• [Assignment]
Beneath this task are records; state how many of their lines hold the word "origin", and nothing else.

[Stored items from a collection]
=== Begin Enclosure ===

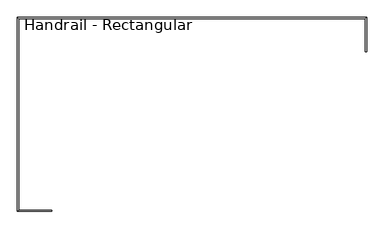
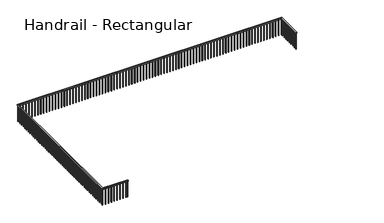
"""IFC4 building model written with IfcOpenShell, lengths in millimetres: railing geometry, Handrail - Rectangular."""

from ifc_helpers import new_model, si_unit, frame, origin, place, context, project, spatial, polyline, outline, extrude, faceted_brep, source, transform, mapped, element, save


def handrail_rectangular_5e4642fa(model_context):
    return source(origin(), model_context, "Body", "SolidModel", [
        faceted_brep([(-18781.6839563, 10624.0316867, 3962.4), (-18781.6839563, 10624.0316867, 3911.6), (-18730.8839563, 10624.0316867, 3911.6), (-18730.8839563, 10624.0316867, 3962.4), (-18730.8839563, 11970.2316867, 3962.4), (-18781.6839563, 11919.4316867, 3962.4), (-18730.8839563, 11970.2316867, 3911.6), (-18781.6839563, 11919.4316867, 3911.6), (-32446.8839563, 11970.2316867, 3962.4), (-32396.0839563, 11919.4316867, 3962.4), (-32446.8839563, 11970.2316867, 3911.6), (-32396.0839563, 11919.4316867, 3911.6), (-32446.8839563, 4350.2316867, 3962.4), (-32396.0839563, 4401.0316867, 3962.4), (-32446.8839563, 4350.2316867, 3911.6), (-32396.0839563, 4401.0316867, 3911.6), (-31100.6839563, 4401.0316867, 3962.4), (-31100.6839563, 4350.2316867, 3962.4), (-31100.6839563, 4350.2316867, 3911.6), (-31100.6839563, 4401.0316867, 3911.6)], [[[0, 1, 2, 3]], [[0, 3, 4, 5]], [[3, 2, 6, 4]], [[2, 1, 7, 6]], [[1, 0, 5, 7]], [[5, 4, 8, 9]], [[4, 6, 10, 8]], [[6, 7, 11, 10]], [[7, 5, 9, 11]], [[9, 8, 12, 13]], [[8, 10, 14, 12]], [[10, 11, 15, 14]], [[11, 9, 13, 15]], [[16, 17, 18, 19]], [[13, 12, 17, 16]], [[12, 14, 18, 17]], [[14, 15, 19, 18]], [[15, 13, 16, 19]]]),
        extrude(outline(polyline([(-31211.8089563, 4385.1566867), (-31192.7589563, 4385.1566867), (-31192.7589563, 4366.1066867), (-31211.8089563, 4366.1066867), (-31211.8089563, 4385.1566867)])), frame((0.0, 0.0, 3048.0), z_axis=(0.0, 0.0, 1.0), x_axis=(1.0, 0.0, 0.0)), (0.0, 0.0, 1.0), 863.6),
        extrude(outline(polyline([(-31364.2089563, 4385.1566867), (-31345.1589563, 4385.1566867), (-31345.1589563, 4366.1066867), (-31364.2089563, 4366.1066867), (-31364.2089563, 4385.1566867)])), frame((0.0, 0.0, 3048.0), z_axis=(0.0, 0.0, 1.0), x_axis=(1.0, 0.0, 0.0)), (0.0, 0.0, 1.0), 863.6),
        extrude(outline(polyline([(-31516.6089563, 4385.1566867), (-31497.5589563, 4385.1566867), (-31497.5589563, 4366.1066867), (-31516.6089563, 4366.1066867), (-31516.6089563, 4385.1566867)])), frame((0.0, 0.0, 3048.0), z_axis=(0.0, 0.0, 1.0), x_axis=(1.0, 0.0, 0.0)), (0.0, 0.0, 1.0), 863.6),
        extrude(outline(polyline([(-31669.0089563, 4385.1566867), (-31649.9589563, 4385.1566867), (-31649.9589563, 4366.1066867), (-31669.0089563, 4366.1066867), (-31669.0089563, 4385.1566867)])), frame((0.0, 0.0, 3048.0), z_axis=(0.0, 0.0, 1.0), x_axis=(1.0, 0.0, 0.0)), (0.0, 0.0, 1.0), 863.6),
        extrude(outline(polyline([(-31821.4089563, 4385.1566867), (-31802.3589563, 4385.1566867), (-31802.3589563, 4366.1066867), (-31821.4089563, 4366.1066867), (-31821.4089563, 4385.1566867)])), frame((0.0, 0.0, 3048.0), z_axis=(0.0, 0.0, 1.0), x_axis=(1.0, 0.0, 0.0)), (0.0, 0.0, 1.0), 863.6),
        extrude(outline(polyline([(-31973.8089563, 4385.1566867), (-31954.7589563, 4385.1566867), (-31954.7589563, 4366.1066867), (-31973.8089563, 4366.1066867), (-31973.8089563, 4385.1566867)])), frame((0.0, 0.0, 3048.0), z_axis=(0.0, 0.0, 1.0), x_axis=(1.0, 0.0, 0.0)), (0.0, 0.0, 1.0), 863.6),
        extrude(outline(polyline([(-32126.2089563, 4385.1566867), (-32107.1589563, 4385.1566867), (-32107.1589563, 4366.1066867), (-32126.2089563, 4366.1066867), (-32126.2089563, 4385.1566867)])), frame((0.0, 0.0, 3048.0), z_axis=(0.0, 0.0, 1.0), x_axis=(1.0, 0.0, 0.0)), (0.0, 0.0, 1.0), 863.6),
        extrude(outline(polyline([(-32278.6089563, 4385.1566867), (-32259.5589563, 4385.1566867), (-32259.5589563, 4366.1066867), (-32278.6089563, 4366.1066867), (-32278.6089563, 4385.1566867)])), frame((0.0, 0.0, 3048.0), z_axis=(0.0, 0.0, 1.0), x_axis=(1.0, 0.0, 0.0)), (0.0, 0.0, 1.0), 863.6),
        extrude(outline(polyline([(-32411.9589563, 4486.7566867), (-32411.9589563, 4467.7066867), (-32431.0089563, 4467.7066867), (-32431.0089563, 4486.7566867), (-32411.9589563, 4486.7566867)])), frame((0.0, 0.0, 3048.0), z_axis=(0.0, 0.0, 1.0), x_axis=(1.0, 0.0, 0.0)), (0.0, 0.0, 1.0), 863.6),
        extrude(outline(polyline([(-32411.9589563, 4639.1566867), (-32411.9589563, 4620.1066867), (-32431.0089563, 4620.1066867), (-32431.0089563, 4639.1566867), (-32411.9589563, 4639.1566867)])), frame((0.0, 0.0, 3048.0), z_axis=(0.0, 0.0, 1.0), x_axis=(1.0, 0.0, 0.0)), (0.0, 0.0, 1.0), 863.6),
        extrude(outline(polyline([(-32411.9589563, 4791.5566867), (-32411.9589563, 4772.5066867), (-32431.0089563, 4772.5066867), (-32431.0089563, 4791.5566867), (-32411.9589563, 4791.5566867)])), frame((0.0, 0.0, 3048.0), z_axis=(0.0, 0.0, 1.0), x_axis=(1.0, 0.0, 0.0)), (0.0, 0.0, 1.0), 863.6),
        extrude(outline(polyline([(-32411.9589563, 4943.9566867), (-32411.9589563, 4924.9066867), (-32431.0089563, 4924.9066867), (-32431.0089563, 4943.9566867), (-32411.9589563, 4943.9566867)])), frame((0.0, 0.0, 3048.0), z_axis=(0.0, 0.0, 1.0), x_axis=(1.0, 0.0, 0.0)), (0.0, 0.0, 1.0), 863.6),
        extrude(outline(polyline([(-32411.9589563, 5096.3566867), (-32411.9589563, 5077.3066867), (-32431.0089563, 5077.3066867), (-32431.0089563, 5096.3566867), (-32411.9589563, 5096.3566867)])), frame((0.0, 0.0, 3048.0), z_axis=(0.0, 0.0, 1.0), x_axis=(1.0, 0.0, 0.0)), (0.0, 0.0, 1.0), 863.6),
        extrude(outline(polyline([(-32411.9589563, 5248.7566867), (-32411.9589563, 5229.7066867), (-32431.0089563, 5229.7066867), (-32431.0089563, 5248.7566867), (-32411.9589563, 5248.7566867)])), frame((0.0, 0.0, 3048.0), z_axis=(0.0, 0.0, 1.0), x_axis=(1.0, 0.0, 0.0)), (0.0, 0.0, 1.0), 863.6),
        extrude(outline(polyline([(-32411.9589563, 5401.1566867), (-32411.9589563, 5382.1066867), (-32431.0089563, 5382.1066867), (-32431.0089563, 5401.1566867), (-32411.9589563, 5401.1566867)])), frame((0.0, 0.0, 3048.0), z_axis=(0.0, 0.0, 1.0), x_axis=(1.0, 0.0, 0.0)), (0.0, 0.0, 1.0), 863.6),
        extrude(outline(polyline([(-32411.9589563, 5553.5566867), (-32411.9589563, 5534.5066867), (-32431.0089563, 5534.5066867), (-32431.0089563, 5553.5566867), (-32411.9589563, 5553.5566867)])), frame((0.0, 0.0, 3048.0), z_axis=(0.0, 0.0, 1.0), x_axis=(1.0, 0.0, 0.0)), (0.0, 0.0, 1.0), 863.6),
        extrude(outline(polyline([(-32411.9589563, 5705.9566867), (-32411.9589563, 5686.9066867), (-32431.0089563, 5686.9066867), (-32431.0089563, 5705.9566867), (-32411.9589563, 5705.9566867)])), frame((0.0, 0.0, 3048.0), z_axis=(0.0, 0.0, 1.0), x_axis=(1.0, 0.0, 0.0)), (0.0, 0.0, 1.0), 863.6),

=== End Enclosure ===

• [Response to the task]
2